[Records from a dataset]
--- --- ---
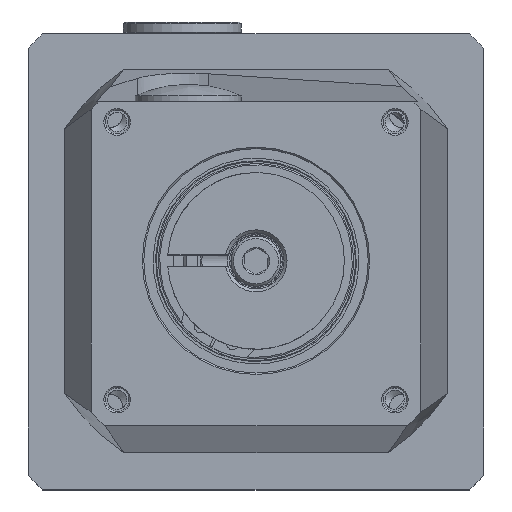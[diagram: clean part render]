
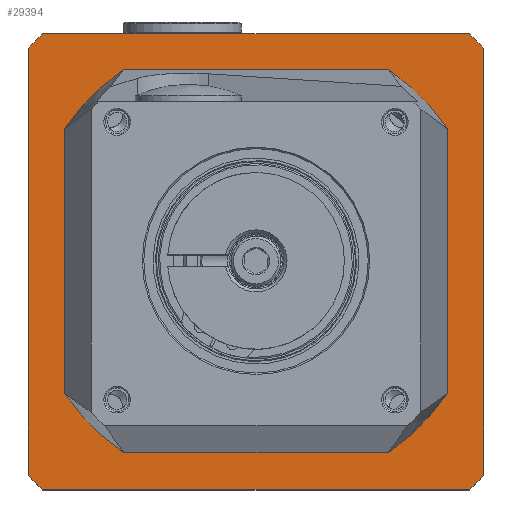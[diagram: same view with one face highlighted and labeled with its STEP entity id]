
A CAD part, top view. The second image highlights one B-rep face of the part: STEP entity #29394.
In plain terms, the highlighted planar face has unit normal (0, 0, 1) as drawn and (0, 0, -1) by its records, which use the part's own axes.
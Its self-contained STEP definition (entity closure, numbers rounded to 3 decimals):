
#160 = DIRECTION ( 'NONE',  ( -1., 0., 0. ) ) ;
#654 = DIRECTION ( 'NONE',  ( 0., 0., -1. ) ) ;
#917 = EDGE_CURVE ( 'NONE', #38667, #6114, #24434, .T. ) ;
#1152 = CARTESIAN_POINT ( 'NONE',  ( -32.25, 0., 0. ) ) ;
#1284 = EDGE_CURVE ( 'NONE', #39739, #34020, #27553, .T. ) ;
#1794 = CARTESIAN_POINT ( 'NONE',  ( -38.7, -36.212, 0. ) ) ;
#2094 = CARTESIAN_POINT ( 'NONE',  ( -36.212, -38.7, 0. ) ) ;
#2225 = CARTESIAN_POINT ( 'NONE',  ( 36.212, -38.7, 0. ) ) ;
#3725 = FACE_OUTER_BOUND ( 'NONE', #10260, .T. ) ;
#3933 = PLANE ( 'NONE',  #9259 ) ;
#4239 = CIRCLE ( 'NONE', #37165, 53. ) ;
#4630 = VERTEX_POINT ( 'NONE', #2225 ) ;
#4667 = CARTESIAN_POINT ( 'NONE',  ( 0., 0., 0. ) ) ;
#5041 = DIRECTION ( 'NONE',  ( 0., 0., -1. ) ) ;
#5048 = LINE ( 'NONE', #8583, #15479 ) ;
#5504 = EDGE_CURVE ( 'NONE', #34020, #28311, #4239, .T. ) ;
#6056 = EDGE_CURVE ( 'NONE', #28311, #6114, #20119, .T. ) ;
#6114 = VERTEX_POINT ( 'NONE', #31277 ) ;
#7081 = VECTOR ( 'NONE', #160, 1000. ) ;
#7216 = DIRECTION ( 'NONE',  ( 0., 0., -1. ) ) ;
#7577 = CARTESIAN_POINT ( 'NONE',  ( 38.7, -38.7, 0. ) ) ;
#7732 = EDGE_CURVE ( 'NONE', #19995, #9526, #41390, .T. ) ;
#7873 = CARTESIAN_POINT ( 'NONE',  ( -38.7, -38.7, 0. ) ) ;
#8583 = CARTESIAN_POINT ( 'NONE',  ( -38.7, -38.7, 0. ) ) ;
#9259 = AXIS2_PLACEMENT_3D ( 'NONE', #30700, #654, #27424 ) ;
#9526 = VERTEX_POINT ( 'NONE', #1794 ) ;
#10256 = DIRECTION ( 'NONE',  ( -1., 0., 0. ) ) ;
#10260 = EDGE_LOOP ( 'NONE', ( #32966, #27809, #43041, #32824, #12109, #21219, #27219, #14466 ) ) ;
#10603 = AXIS2_PLACEMENT_3D ( 'NONE', #32149, #11152, #14441 ) ;
#10724 = DIRECTION ( 'NONE',  ( 0., -1., 0. ) ) ;
#11152 = DIRECTION ( 'NONE',  ( 0., 0., -1. ) ) ;
#11734 = CARTESIAN_POINT ( 'NONE',  ( -38.7, 36.212, 0. ) ) ;
#11794 = AXIS2_PLACEMENT_3D ( 'NONE', #37673, #7216, #10256 ) ;
#12109 = ORIENTED_EDGE ( 'NONE', *, *, #1284, .F. ) ;
#14441 = DIRECTION ( 'NONE',  ( -1., 0., 0. ) ) ;
#14466 = ORIENTED_EDGE ( 'NONE', *, *, #7732, .T. ) ;
#14924 = CARTESIAN_POINT ( 'NONE',  ( 0., 0., 0. ) ) ;
#15395 = EDGE_CURVE ( 'NONE', #41742, #41742, #33303, .T. ) ;
#15479 = VECTOR ( 'NONE', #18457, 1000. ) ;
#16652 = EDGE_LOOP ( 'NONE', ( #27510 ) ) ;
#18073 = DIRECTION ( 'NONE',  ( 0., 0., 1. ) ) ;
#18457 = DIRECTION ( 'NONE',  ( 1., 0., 0. ) ) ;
#19667 = CARTESIAN_POINT ( 'NONE',  ( 36.212, 38.7, 0. ) ) ;
#19850 = CARTESIAN_POINT ( 'NONE',  ( 38.7, -36.212, 0. ) ) ;
#19995 = VERTEX_POINT ( 'NONE', #2094 ) ;
#20119 = LINE ( 'NONE', #42972, #7081 ) ;
#20832 = LINE ( 'NONE', #7873, #42144 ) ;
#20876 = VECTOR ( 'NONE', #36970, 1000. ) ;
#21219 = ORIENTED_EDGE ( 'NONE', *, *, #26952, .T. ) ;
#21508 = DIRECTION ( 'NONE',  ( -1., 0., 0. ) ) ;
#22216 = DIRECTION ( 'NONE',  ( 1., 0., 0. ) ) ;
#22491 = CIRCLE ( 'NONE', #10603, 53. ) ;
#24434 = CIRCLE ( 'NONE', #11794, 53. ) ;
#24942 = CARTESIAN_POINT ( 'NONE',  ( 0., 0., 0. ) ) ;
#26808 = EDGE_CURVE ( 'NONE', #19995, #4630, #5048, .T. ) ;
#26952 = EDGE_CURVE ( 'NONE', #39739, #4630, #22491, .T. ) ;
#27005 = EDGE_CURVE ( 'NONE', #38667, #9526, #20832, .T. ) ;
#27219 = ORIENTED_EDGE ( 'NONE', *, *, #26808, .F. ) ;
#27424 = DIRECTION ( 'NONE',  ( -1., 0., 0. ) ) ;
#27510 = ORIENTED_EDGE ( 'NONE', *, *, #15395, .F. ) ;
#27553 = LINE ( 'NONE', #7577, #20876 ) ;
#27809 = ORIENTED_EDGE ( 'NONE', *, *, #917, .T. ) ;
#28311 = VERTEX_POINT ( 'NONE', #19667 ) ;
#29394 = ADVANCED_FACE ( 'NONE', ( #33778, #3725 ), #3933, .T. ) ;
#30379 = CARTESIAN_POINT ( 'NONE',  ( 38.7, 36.212, 0. ) ) ;
#30700 = CARTESIAN_POINT ( 'NONE',  ( 0., 0., 0. ) ) ;
#31277 = CARTESIAN_POINT ( 'NONE',  ( -36.212, 38.7, 0. ) ) ;
#31537 = DIRECTION ( 'NONE',  ( 0., 0., -1. ) ) ;
#31551 = AXIS2_PLACEMENT_3D ( 'NONE', #14924, #5041, #21508 ) ;
#32149 = CARTESIAN_POINT ( 'NONE',  ( 0., 0., 0. ) ) ;
#32824 = ORIENTED_EDGE ( 'NONE', *, *, #5504, .F. ) ;
#32966 = ORIENTED_EDGE ( 'NONE', *, *, #27005, .F. ) ;
#33303 = CIRCLE ( 'NONE', #36122, 32.25 ) ;
#33778 = FACE_BOUND ( 'NONE', #16652, .T. ) ;
#34020 = VERTEX_POINT ( 'NONE', #30379 ) ;
#35473 = DIRECTION ( 'NONE',  ( -1., 0., 0. ) ) ;
#36122 = AXIS2_PLACEMENT_3D ( 'NONE', #24942, #31537, #35473 ) ;
#36970 = DIRECTION ( 'NONE',  ( 0., 1., 0. ) ) ;
#37165 = AXIS2_PLACEMENT_3D ( 'NONE', #4667, #18073, #22216 ) ;
#37673 = CARTESIAN_POINT ( 'NONE',  ( 0., 0., 0. ) ) ;
#38667 = VERTEX_POINT ( 'NONE', #11734 ) ;
#39739 = VERTEX_POINT ( 'NONE', #19850 ) ;
#41390 = CIRCLE ( 'NONE', #31551, 53. ) ;
#41742 = VERTEX_POINT ( 'NONE', #1152 ) ;
#42144 = VECTOR ( 'NONE', #10724, 1000. ) ;
#42972 = CARTESIAN_POINT ( 'NONE',  ( -38.7, 38.7, 0. ) ) ;
#43041 = ORIENTED_EDGE ( 'NONE', *, *, #6056, .F. ) ;
--- --- ---
**Problem statement**
Only those lines of the entries above that run from the line containing "#16652 = EDGE_LOOP ( 'NONE', ( #27510 ) ) ;" to the line containing "#27424 = DIRECTION", both included, should be transcribed exactly.

**Answer to this problem**
#16652 = EDGE_LOOP ( 'NONE', ( #27510 ) ) ;
#18073 = DIRECTION ( 'NONE',  ( 0., 0., 1. ) ) ;
#18457 = DIRECTION ( 'NONE',  ( 1., 0., 0. ) ) ;
#19667 = CARTESIAN_POINT ( 'NONE',  ( 36.212, 38.7, 0. ) ) ;
#19850 = CARTESIAN_POINT ( 'NONE',  ( 38.7, -36.212, 0. ) ) ;
#19995 = VERTEX_POINT ( 'NONE', #2094 ) ;
#20119 = LINE ( 'NONE', #42972, #7081 ) ;
#20832 = LINE ( 'NONE', #7873, #42144 ) ;
#20876 = VECTOR ( 'NONE', #36970, 1000. ) ;
#21219 = ORIENTED_EDGE ( 'NONE', *, *, #26952, .T. ) ;
#21508 = DIRECTION ( 'NONE',  ( -1., 0., 0. ) ) ;
#22216 = DIRECTION ( 'NONE',  ( 1., 0., 0. ) ) ;
#22491 = CIRCLE ( 'NONE', #10603, 53. ) ;
#24434 = CIRCLE ( 'NONE', #11794, 53. ) ;
#24942 = CARTESIAN_POINT ( 'NONE',  ( 0., 0., 0. ) ) ;
#26808 = EDGE_CURVE ( 'NONE', #19995, #4630, #5048, .T. ) ;
#26952 = EDGE_CURVE ( 'NONE', #39739, #4630, #22491, .T. ) ;
#27005 = EDGE_CURVE ( 'NONE', #38667, #9526, #20832, .T. ) ;
#27219 = ORIENTED_EDGE ( 'NONE', *, *, #26808, .F. ) ;
#27424 = DIRECTION ( 'NONE',  ( -1., 0., 0. ) ) ;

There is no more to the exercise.